Definition | Ethereum | Futura Tech

Contrary to popular belief, Ethereum is not a cryptocurrency like the Bitcoinbut a virtual and free platform using blockchain technology. It’s a kind of waiter decentralized global, peer to peer and ultra-secure. Ethereum was created and launched in the summer of 2015 by Vitalik Buterin, a young computer scientist with a passion for Bitcoinwith the aim of operating apps more commonly known as “dApps”. Ethereum uses a Turing-complete type language named Solidity, a mix of C and JavaScript. The use of a blockchain has many advantages, such as high network security, operational reliability, increased protection against data corruption and the inability to modify the history of the blockchain. It is a public blockchain that anyone can view, hence a high level of transparency. The Ethereum cryptocurrency is called Ether, abbreviated ETH. It serves as a means of payment for miners and is necessary for programmers to use Ethereum.

What is Ethereum used for?

Ethereum can be used in multiple ways. Its potential is limitless except for energy costs and network costs. There are several types of uses, the main ones being:

  • send and receive Ether without a bank or service provider;
  • program and publish smart contracts, without intermediaries;
  • create your own cryptocurrency;
  • create, distribute and use dApps.

Smart contracts notably allow the management of autonomous and decentralized organizations (DAO). Unlike a smart contract, a dApp is not limited in users or uses. Applications can include any service normally requiring an intermediary. For example, you can find:

  • token games (NFT) to collect;
  • services of online bank ;
  • a computer computing power rental service;
  • the sending of SMS encrypted;
  • insurance;
  • prediction markets;
  • video games ;
  • crowdfunding applications;
  • digital art buying and selling services (in the form of NFT);
  • automated invoice sending;
  • of the social networks ;
  • management applications cryptocurrency on line.
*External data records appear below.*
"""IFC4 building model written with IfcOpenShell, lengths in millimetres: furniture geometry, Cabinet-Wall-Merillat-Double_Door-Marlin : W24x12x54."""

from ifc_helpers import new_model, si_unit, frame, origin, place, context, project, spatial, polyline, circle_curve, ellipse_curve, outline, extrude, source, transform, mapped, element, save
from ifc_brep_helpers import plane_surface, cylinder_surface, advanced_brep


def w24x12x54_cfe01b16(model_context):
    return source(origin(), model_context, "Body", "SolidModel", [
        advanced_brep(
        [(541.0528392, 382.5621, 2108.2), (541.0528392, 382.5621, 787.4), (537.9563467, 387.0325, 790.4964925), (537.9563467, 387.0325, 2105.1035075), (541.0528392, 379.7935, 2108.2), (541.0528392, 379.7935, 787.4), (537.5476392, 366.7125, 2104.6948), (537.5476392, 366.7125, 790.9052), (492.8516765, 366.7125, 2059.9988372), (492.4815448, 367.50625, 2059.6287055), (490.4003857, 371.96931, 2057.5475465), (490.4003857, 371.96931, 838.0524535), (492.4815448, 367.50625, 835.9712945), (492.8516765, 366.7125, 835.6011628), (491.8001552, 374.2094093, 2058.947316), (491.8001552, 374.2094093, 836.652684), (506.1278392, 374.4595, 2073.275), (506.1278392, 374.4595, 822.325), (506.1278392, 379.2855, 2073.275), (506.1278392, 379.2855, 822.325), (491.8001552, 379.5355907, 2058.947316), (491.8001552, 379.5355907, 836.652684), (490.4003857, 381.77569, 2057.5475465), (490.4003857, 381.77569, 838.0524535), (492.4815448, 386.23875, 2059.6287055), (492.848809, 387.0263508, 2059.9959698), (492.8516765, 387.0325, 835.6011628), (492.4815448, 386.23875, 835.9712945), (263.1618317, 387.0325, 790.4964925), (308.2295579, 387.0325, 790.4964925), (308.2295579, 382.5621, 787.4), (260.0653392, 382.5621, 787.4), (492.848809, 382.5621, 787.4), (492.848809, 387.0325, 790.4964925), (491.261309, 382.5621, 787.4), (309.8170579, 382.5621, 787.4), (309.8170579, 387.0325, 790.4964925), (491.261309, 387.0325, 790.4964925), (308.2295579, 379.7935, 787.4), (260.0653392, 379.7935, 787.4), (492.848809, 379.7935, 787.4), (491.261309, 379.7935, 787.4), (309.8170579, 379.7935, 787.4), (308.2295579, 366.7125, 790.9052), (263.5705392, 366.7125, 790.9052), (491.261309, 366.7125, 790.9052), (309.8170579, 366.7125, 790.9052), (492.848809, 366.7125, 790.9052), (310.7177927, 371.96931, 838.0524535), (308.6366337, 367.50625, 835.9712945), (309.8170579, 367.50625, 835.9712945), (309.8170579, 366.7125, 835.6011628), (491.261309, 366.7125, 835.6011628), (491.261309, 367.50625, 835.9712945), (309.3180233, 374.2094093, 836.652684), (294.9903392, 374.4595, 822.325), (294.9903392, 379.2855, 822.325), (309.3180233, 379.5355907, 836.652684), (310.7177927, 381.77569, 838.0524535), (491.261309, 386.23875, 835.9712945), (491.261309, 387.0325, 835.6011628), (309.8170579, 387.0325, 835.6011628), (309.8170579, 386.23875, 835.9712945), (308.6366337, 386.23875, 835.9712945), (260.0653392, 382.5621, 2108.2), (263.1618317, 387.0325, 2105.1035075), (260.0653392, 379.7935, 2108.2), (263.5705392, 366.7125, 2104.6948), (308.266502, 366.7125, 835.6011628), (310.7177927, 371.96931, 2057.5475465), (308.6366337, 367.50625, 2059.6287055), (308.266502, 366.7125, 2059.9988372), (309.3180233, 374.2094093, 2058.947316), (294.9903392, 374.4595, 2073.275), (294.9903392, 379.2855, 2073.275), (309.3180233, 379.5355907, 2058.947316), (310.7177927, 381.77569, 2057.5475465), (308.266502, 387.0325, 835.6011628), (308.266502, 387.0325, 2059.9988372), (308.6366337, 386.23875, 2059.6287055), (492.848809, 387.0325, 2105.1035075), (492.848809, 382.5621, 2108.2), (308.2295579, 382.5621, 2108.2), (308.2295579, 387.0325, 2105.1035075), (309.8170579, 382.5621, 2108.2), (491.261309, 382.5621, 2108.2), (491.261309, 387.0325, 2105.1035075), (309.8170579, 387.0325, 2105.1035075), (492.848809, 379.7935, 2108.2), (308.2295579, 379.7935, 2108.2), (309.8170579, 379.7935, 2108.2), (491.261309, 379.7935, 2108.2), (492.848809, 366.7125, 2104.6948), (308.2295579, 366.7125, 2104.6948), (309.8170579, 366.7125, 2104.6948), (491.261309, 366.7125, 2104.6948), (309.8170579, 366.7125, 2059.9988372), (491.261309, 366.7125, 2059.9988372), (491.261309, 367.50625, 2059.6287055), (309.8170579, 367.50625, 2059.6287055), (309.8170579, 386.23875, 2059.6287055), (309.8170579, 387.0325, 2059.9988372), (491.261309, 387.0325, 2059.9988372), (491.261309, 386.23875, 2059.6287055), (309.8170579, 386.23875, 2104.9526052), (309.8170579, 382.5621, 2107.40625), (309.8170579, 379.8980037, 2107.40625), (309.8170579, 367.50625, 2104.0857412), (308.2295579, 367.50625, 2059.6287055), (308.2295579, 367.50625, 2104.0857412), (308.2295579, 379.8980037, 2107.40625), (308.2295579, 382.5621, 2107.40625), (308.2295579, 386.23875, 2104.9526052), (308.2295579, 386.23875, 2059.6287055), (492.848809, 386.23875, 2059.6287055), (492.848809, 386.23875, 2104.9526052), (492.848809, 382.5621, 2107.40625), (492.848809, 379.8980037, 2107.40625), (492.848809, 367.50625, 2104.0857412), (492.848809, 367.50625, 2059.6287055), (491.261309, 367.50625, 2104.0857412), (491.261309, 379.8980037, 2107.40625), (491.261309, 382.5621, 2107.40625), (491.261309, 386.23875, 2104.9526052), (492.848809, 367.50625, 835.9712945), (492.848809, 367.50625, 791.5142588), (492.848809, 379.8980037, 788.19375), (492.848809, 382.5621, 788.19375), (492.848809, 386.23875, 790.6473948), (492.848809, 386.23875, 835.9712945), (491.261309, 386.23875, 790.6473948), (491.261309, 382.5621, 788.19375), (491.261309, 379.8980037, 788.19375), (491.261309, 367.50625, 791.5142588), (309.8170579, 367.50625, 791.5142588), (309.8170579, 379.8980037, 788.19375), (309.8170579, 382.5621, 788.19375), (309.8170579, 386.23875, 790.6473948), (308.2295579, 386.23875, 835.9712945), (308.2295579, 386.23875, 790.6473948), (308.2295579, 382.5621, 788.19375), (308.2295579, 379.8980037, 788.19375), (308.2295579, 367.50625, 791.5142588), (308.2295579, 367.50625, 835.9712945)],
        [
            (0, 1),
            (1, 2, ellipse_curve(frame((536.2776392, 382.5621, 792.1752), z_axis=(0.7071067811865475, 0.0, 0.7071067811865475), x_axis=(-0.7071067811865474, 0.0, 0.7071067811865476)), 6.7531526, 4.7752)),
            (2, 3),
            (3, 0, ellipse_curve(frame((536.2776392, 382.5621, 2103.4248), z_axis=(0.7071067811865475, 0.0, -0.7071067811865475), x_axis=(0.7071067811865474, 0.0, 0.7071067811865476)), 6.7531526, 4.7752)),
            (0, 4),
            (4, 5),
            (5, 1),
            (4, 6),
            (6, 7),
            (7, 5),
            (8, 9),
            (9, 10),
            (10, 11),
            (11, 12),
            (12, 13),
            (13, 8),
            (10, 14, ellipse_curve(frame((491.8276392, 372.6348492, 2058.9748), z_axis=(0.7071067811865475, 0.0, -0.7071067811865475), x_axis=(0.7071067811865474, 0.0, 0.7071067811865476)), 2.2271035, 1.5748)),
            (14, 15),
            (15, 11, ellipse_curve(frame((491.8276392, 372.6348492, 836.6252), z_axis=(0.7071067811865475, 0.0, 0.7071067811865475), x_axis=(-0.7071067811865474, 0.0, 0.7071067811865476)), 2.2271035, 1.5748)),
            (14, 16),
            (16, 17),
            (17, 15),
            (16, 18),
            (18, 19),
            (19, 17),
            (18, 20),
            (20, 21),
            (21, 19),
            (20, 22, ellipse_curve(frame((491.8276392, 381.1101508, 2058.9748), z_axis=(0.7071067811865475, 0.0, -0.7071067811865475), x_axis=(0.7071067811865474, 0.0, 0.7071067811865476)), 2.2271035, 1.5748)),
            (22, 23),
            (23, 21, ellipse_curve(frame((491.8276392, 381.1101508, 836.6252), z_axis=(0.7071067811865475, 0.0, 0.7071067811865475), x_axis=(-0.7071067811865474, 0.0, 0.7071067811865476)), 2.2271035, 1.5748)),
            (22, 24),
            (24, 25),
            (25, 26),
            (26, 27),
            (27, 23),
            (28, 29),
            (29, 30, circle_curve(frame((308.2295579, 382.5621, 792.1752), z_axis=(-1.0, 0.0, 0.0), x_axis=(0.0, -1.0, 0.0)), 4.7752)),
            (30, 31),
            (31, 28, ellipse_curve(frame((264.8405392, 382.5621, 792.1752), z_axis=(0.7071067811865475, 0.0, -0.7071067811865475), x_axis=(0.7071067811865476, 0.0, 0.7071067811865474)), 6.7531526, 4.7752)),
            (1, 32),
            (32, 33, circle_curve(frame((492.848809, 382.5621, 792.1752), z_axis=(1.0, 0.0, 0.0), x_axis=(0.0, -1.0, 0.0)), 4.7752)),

Even if the potential of Ethereum is not yet reached, it should not be forgotten that its use has a financial, energy and time cost.

How does Ethereum work?

Everything starts from the Ethereum blockchain. Blockchain is a database virtually unalterable decentralized system on which all write operations, such as the transactions and smart contracts are registered. Smart contracts are programmed contracts that execute without an intermediary.

the mining allows verification, recording and securing of any operation performed on the blockchain by forming blocks, each new block being linked to the existing blockchain. It takes about 14-15 seconds to register a block on Ethereum. The Ethereum mining process is currently of the type Proof of Work but is about to change to mining Proof of Stakewhich means proof of stake. This type of mining consumes lessenergyis faster and more cost effective than the type Proof of Work.

It is therefore Ether that powers and powers Ethereum. Miners receive an infinitesimal amount of Ether called gas (Where gas in English) as remuneration which they can exchange forsilver fiduciary. Users buy Ether to use Ethereum. To interact with your Ethereum account, you use a wallet (wallet in English), such as Argent, MetaMask or Unstoppable. You can buy, store and sell Ether there. A wallet is used with a public key which makes it possible to announce a transaction and a private key which makes it possible to write this transaction in the blockchain.

Ethereum in the cryptocurrency market

Ethereum has taken its place in the cryptocurrency market and rivals Bitcoin. The abbreviation of Ether is ETH, its unit value represents 179 €. It is the second digital currency on the cryptocurrency market, just after Bitcoin thanks to a market capitalization of several billion. Ethereum is considered a promising blockchain just like Bitcoin. Ethereum has enabled the creation of very innovative new cryptocurrencies. This virtual currency has caught the attention of cryptocurrency enthusiasts and investors!

To buy Ether (ETH), the easiest way is to use an exchange platform, there are a large number of them. However, some platforms are more secure than others and are less likely to be hacked.

What are the differences between Ethereum and Bitcoin?

To help understanding, generally we compare the different cryptocurrencies to Bitcoin since they are based on the same principles. Ether and Bitcoin have many things in common. These two virtual currencies have different objectives, Bitcoin could replace conventional currency and become the most widely used currency in the world. Ethereum aims to become a platform on which decentralized applications and smart contracts. The main purpose of Ether is to be used on Ethereum networks. You should know that the quantity of Ether units is not capped unlike Bitcoin. Bitcoin is often called gold digitalEther could be compared to oil.

Bitcoin’s blockchain is very similar to Ethereum’s but the programming language is different.